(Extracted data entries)

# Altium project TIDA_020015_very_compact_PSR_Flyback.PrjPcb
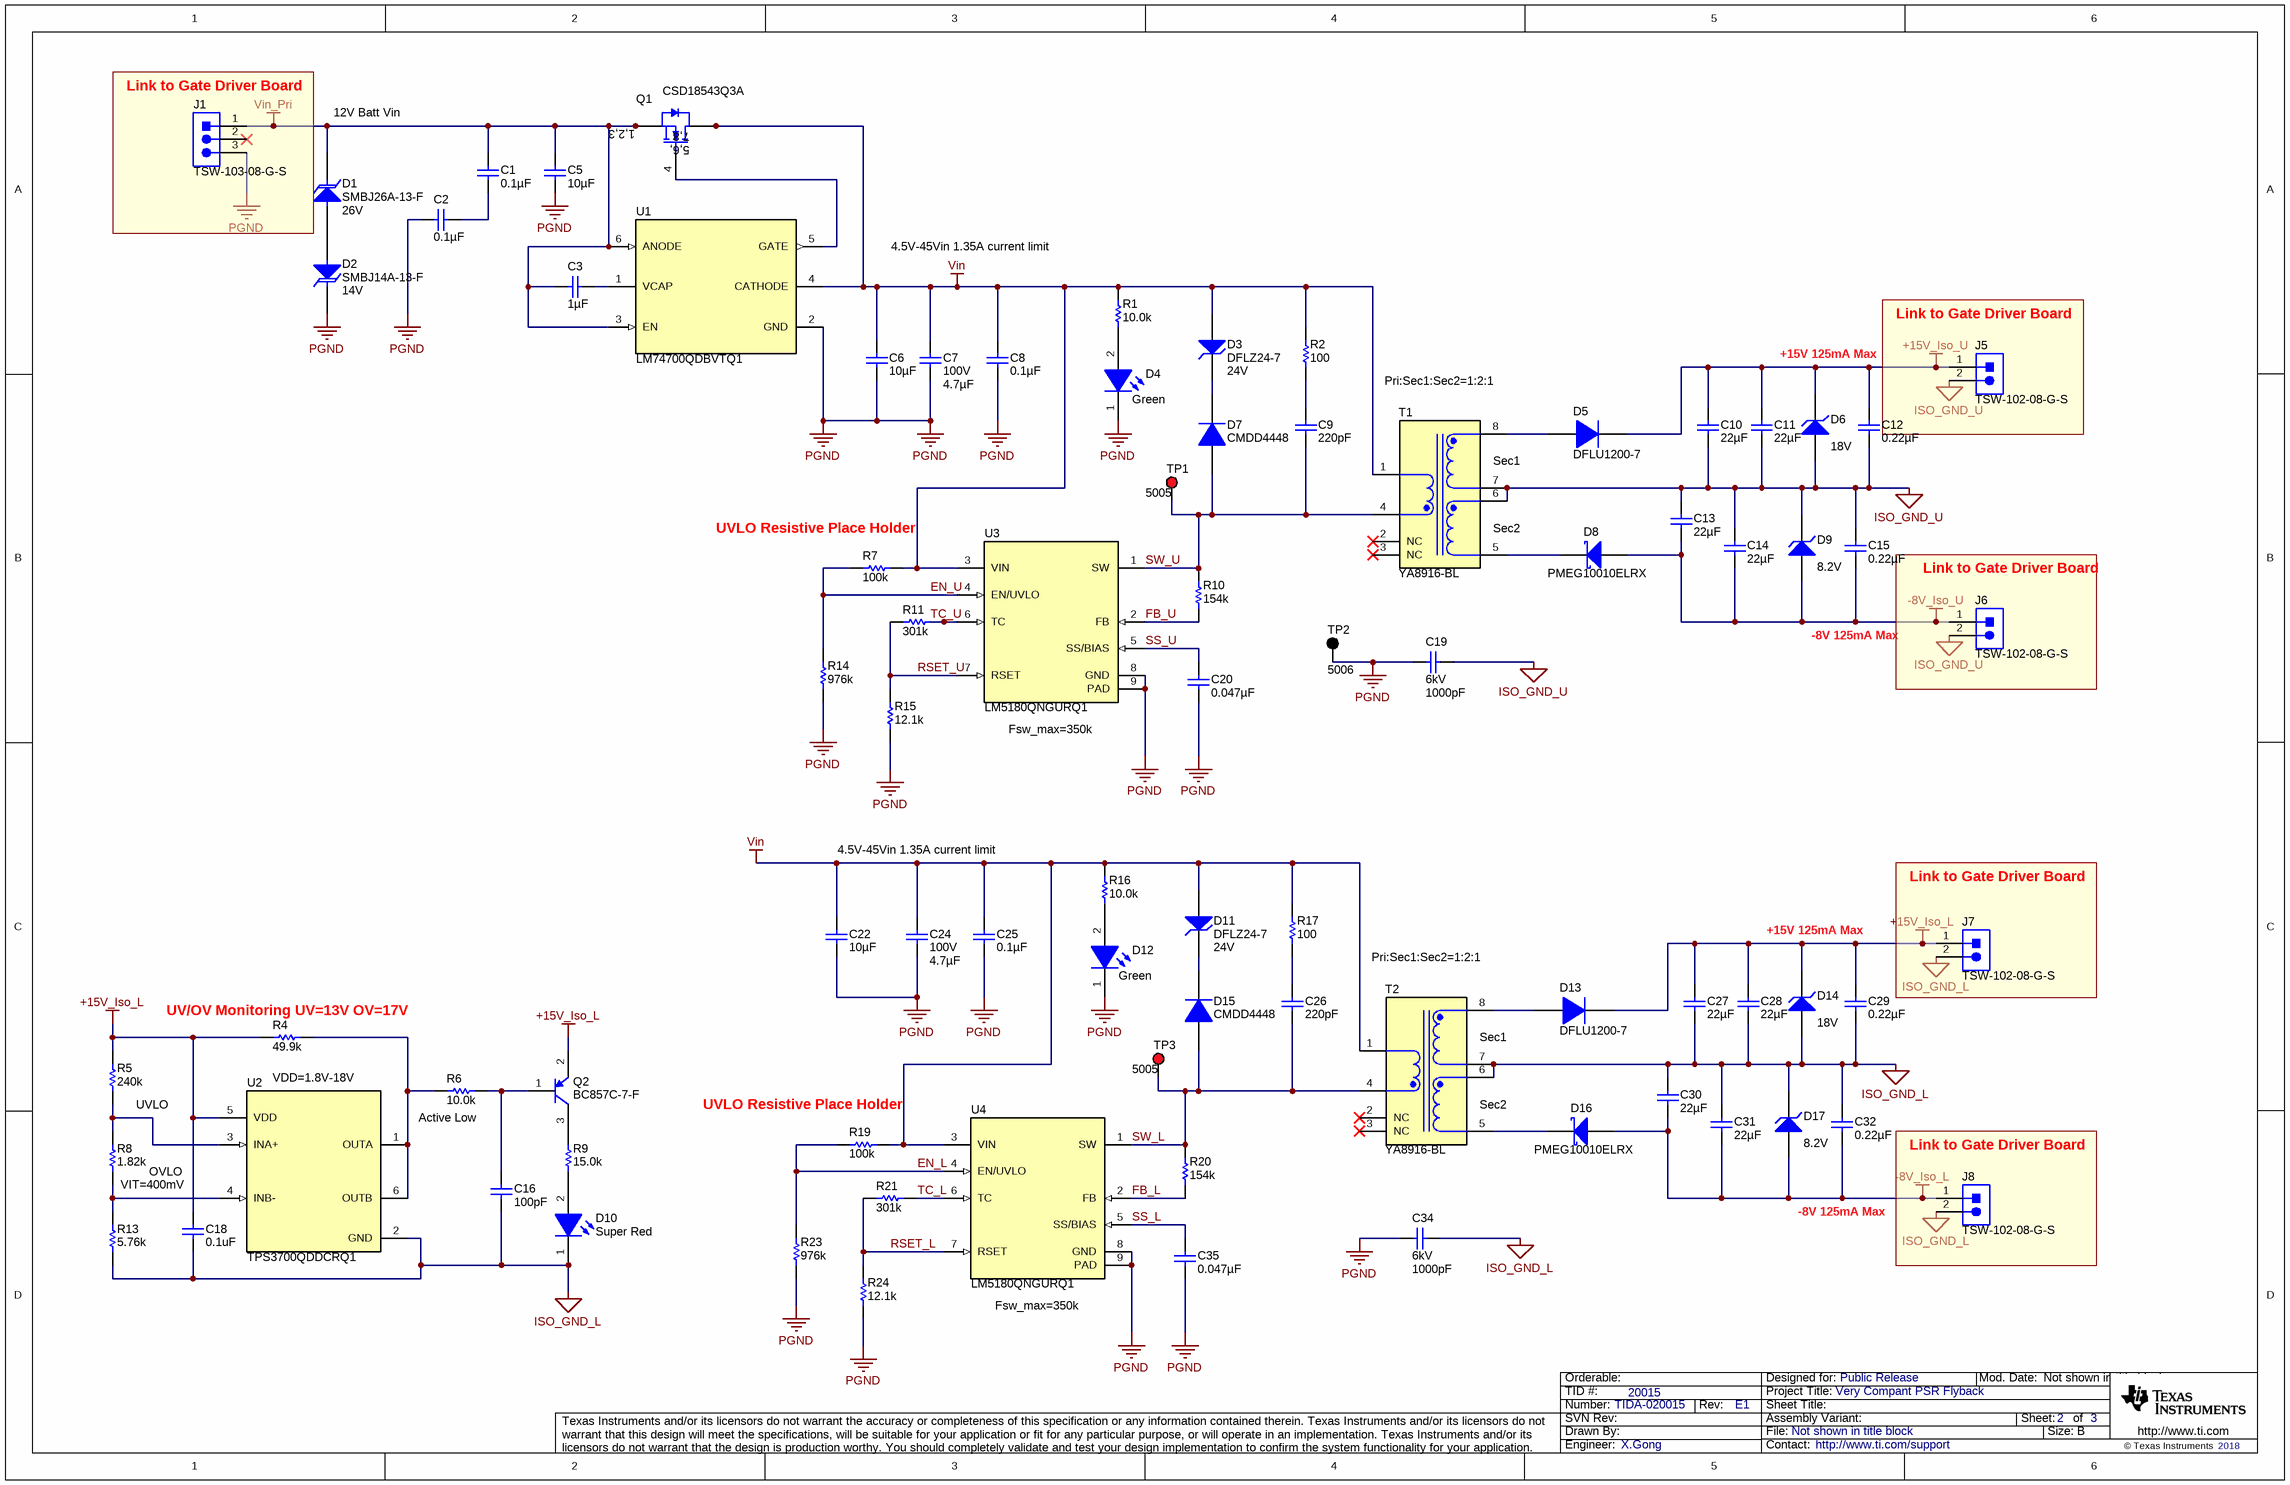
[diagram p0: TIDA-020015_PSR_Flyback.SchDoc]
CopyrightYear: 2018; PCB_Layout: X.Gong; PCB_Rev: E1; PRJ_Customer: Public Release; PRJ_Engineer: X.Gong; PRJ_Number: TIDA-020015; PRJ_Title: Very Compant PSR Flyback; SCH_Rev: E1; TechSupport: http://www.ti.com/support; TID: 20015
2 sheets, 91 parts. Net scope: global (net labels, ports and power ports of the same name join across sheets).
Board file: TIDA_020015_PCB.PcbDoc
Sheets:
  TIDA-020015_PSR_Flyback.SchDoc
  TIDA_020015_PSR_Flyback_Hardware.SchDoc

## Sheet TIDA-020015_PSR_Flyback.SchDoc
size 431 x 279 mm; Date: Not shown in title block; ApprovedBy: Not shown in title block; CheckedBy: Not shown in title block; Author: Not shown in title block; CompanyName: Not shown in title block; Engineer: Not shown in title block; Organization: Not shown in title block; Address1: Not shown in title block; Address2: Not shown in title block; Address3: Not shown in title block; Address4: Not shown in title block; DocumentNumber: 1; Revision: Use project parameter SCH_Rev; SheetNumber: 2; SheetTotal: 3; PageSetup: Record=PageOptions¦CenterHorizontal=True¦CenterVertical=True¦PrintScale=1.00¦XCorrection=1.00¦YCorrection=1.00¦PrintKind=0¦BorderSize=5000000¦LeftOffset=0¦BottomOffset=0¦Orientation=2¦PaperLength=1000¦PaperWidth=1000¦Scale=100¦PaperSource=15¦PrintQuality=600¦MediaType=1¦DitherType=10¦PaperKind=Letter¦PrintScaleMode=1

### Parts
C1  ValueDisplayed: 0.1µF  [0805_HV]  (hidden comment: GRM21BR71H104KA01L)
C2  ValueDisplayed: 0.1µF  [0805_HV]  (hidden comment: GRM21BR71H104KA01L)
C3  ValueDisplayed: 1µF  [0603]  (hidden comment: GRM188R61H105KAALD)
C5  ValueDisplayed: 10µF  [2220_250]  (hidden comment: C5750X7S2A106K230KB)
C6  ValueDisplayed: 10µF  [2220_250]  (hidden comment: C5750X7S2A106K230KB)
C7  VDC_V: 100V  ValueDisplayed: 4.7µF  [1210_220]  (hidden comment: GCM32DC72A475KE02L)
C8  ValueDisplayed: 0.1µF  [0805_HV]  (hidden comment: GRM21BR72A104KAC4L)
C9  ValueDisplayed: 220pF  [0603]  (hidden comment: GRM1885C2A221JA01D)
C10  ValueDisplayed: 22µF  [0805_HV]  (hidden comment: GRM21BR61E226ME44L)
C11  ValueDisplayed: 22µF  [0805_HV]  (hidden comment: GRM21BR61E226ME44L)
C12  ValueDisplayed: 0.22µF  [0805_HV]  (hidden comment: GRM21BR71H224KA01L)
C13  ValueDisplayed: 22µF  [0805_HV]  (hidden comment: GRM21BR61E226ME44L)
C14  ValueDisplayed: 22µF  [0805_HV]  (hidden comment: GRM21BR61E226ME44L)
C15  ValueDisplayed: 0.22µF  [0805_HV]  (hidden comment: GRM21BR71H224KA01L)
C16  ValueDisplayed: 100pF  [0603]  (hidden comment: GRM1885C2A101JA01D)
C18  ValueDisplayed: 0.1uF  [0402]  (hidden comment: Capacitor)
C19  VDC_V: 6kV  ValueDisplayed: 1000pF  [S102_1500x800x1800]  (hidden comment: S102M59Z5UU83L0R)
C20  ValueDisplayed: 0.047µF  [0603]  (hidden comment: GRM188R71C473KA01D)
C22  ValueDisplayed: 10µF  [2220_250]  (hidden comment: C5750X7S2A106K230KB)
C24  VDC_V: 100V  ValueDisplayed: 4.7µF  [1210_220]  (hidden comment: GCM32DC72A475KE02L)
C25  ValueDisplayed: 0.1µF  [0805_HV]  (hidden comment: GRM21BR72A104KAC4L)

→ **Exercise**:
All of the records should be set down exactly, minus the pictures they hold.

→ **Final answer**:
# Altium project TIDA_020015_very_compact_PSR_Flyback.PrjPcb
[diagram p0: TIDA-020015_PSR_Flyback.SchDoc]
CopyrightYear: 2018; PCB_Layout: X.Gong; PCB_Rev: E1; PRJ_Customer: Public Release; PRJ_Engineer: X.Gong; PRJ_Number: TIDA-020015; PRJ_Title: Very Compant PSR Flyback; SCH_Rev: E1; TechSupport: http://www.ti.com/support; TID: 20015
2 sheets, 91 parts. Net scope: global (net labels, ports and power ports of the same name join across sheets).
Board file: TIDA_020015_PCB.PcbDoc
Sheets:
  TIDA-020015_PSR_Flyback.SchDoc
  TIDA_020015_PSR_Flyback_Hardware.SchDoc

## Sheet TIDA-020015_PSR_Flyback.SchDoc
size 431 x 279 mm; Date: Not shown in title block; ApprovedBy: Not shown in title block; CheckedBy: Not shown in title block; Author: Not shown in title block; CompanyName: Not shown in title block; Engineer: Not shown in title block; Organization: Not shown in title block; Address1: Not shown in title block; Address2: Not shown in title block; Address3: Not shown in title block; Address4: Not shown in title block; DocumentNumber: 1; Revision: Use project parameter SCH_Rev; SheetNumber: 2; SheetTotal: 3; PageSetup: Record=PageOptions¦CenterHorizontal=True¦CenterVertical=True¦PrintScale=1.00¦XCorrection=1.00¦YCorrection=1.00¦PrintKind=0¦BorderSize=5000000¦LeftOffset=0¦BottomOffset=0¦Orientation=2¦PaperLength=1000¦PaperWidth=1000¦Scale=100¦PaperSource=15¦PrintQuality=600¦MediaType=1¦DitherType=10¦PaperKind=Letter¦PrintScaleMode=1

### Parts
C1  ValueDisplayed: 0.1µF  [0805_HV]  (hidden comment: GRM21BR71H104KA01L)
C2  ValueDisplayed: 0.1µF  [0805_HV]  (hidden comment: GRM21BR71H104KA01L)
C3  ValueDisplayed: 1µF  [0603]  (hidden comment: GRM188R61H105KAALD)
C5  ValueDisplayed: 10µF  [2220_250]  (hidden comment: C5750X7S2A106K230KB)
C6  ValueDisplayed: 10µF  [2220_250]  (hidden comment: C5750X7S2A106K230KB)
C7  VDC_V: 100V  ValueDisplayed: 4.7µF  [1210_220]  (hidden comment: GCM32DC72A475KE02L)
C8  ValueDisplayed: 0.1µF  [0805_HV]  (hidden comment: GRM21BR72A104KAC4L)
C9  ValueDisplayed: 220pF  [0603]  (hidden comment: GRM1885C2A221JA01D)
C10  ValueDisplayed: 22µF  [0805_HV]  (hidden comment: GRM21BR61E226ME44L)
C11  ValueDisplayed: 22µF  [0805_HV]  (hidden comment: GRM21BR61E226ME44L)
C12  ValueDisplayed: 0.22µF  [0805_HV]  (hidden comment: GRM21BR71H224KA01L)
C13  ValueDisplayed: 22µF  [0805_HV]  (hidden comment: GRM21BR61E226ME44L)
C14  ValueDisplayed: 22µF  [0805_HV]  (hidden comment: GRM21BR61E226ME44L)
C15  ValueDisplayed: 0.22µF  [0805_HV]  (hidden comment: GRM21BR71H224KA01L)
C16  ValueDisplayed: 100pF  [0603]  (hidden comment: GRM1885C2A101JA01D)
C18  ValueDisplayed: 0.1uF  [0402]  (hidden comment: Capacitor)
C19  VDC_V: 6kV  ValueDisplayed: 1000pF  [S102_1500x800x1800]  (hidden comment: S102M59Z5UU83L0R)
C20  ValueDisplayed: 0.047µF  [0603]  (hidden comment: GRM188R71C473KA01D)
C22  ValueDisplayed: 10µF  [2220_250]  (hidden comment: C5750X7S2A106K230KB)
C24  VDC_V: 100V  ValueDisplayed: 4.7µF  [1210_220]  (hidden comment: GCM32DC72A475KE02L)
C25  ValueDisplayed: 0.1µF  [0805_HV]  (hidden comment: GRM21BR72A104KAC4L)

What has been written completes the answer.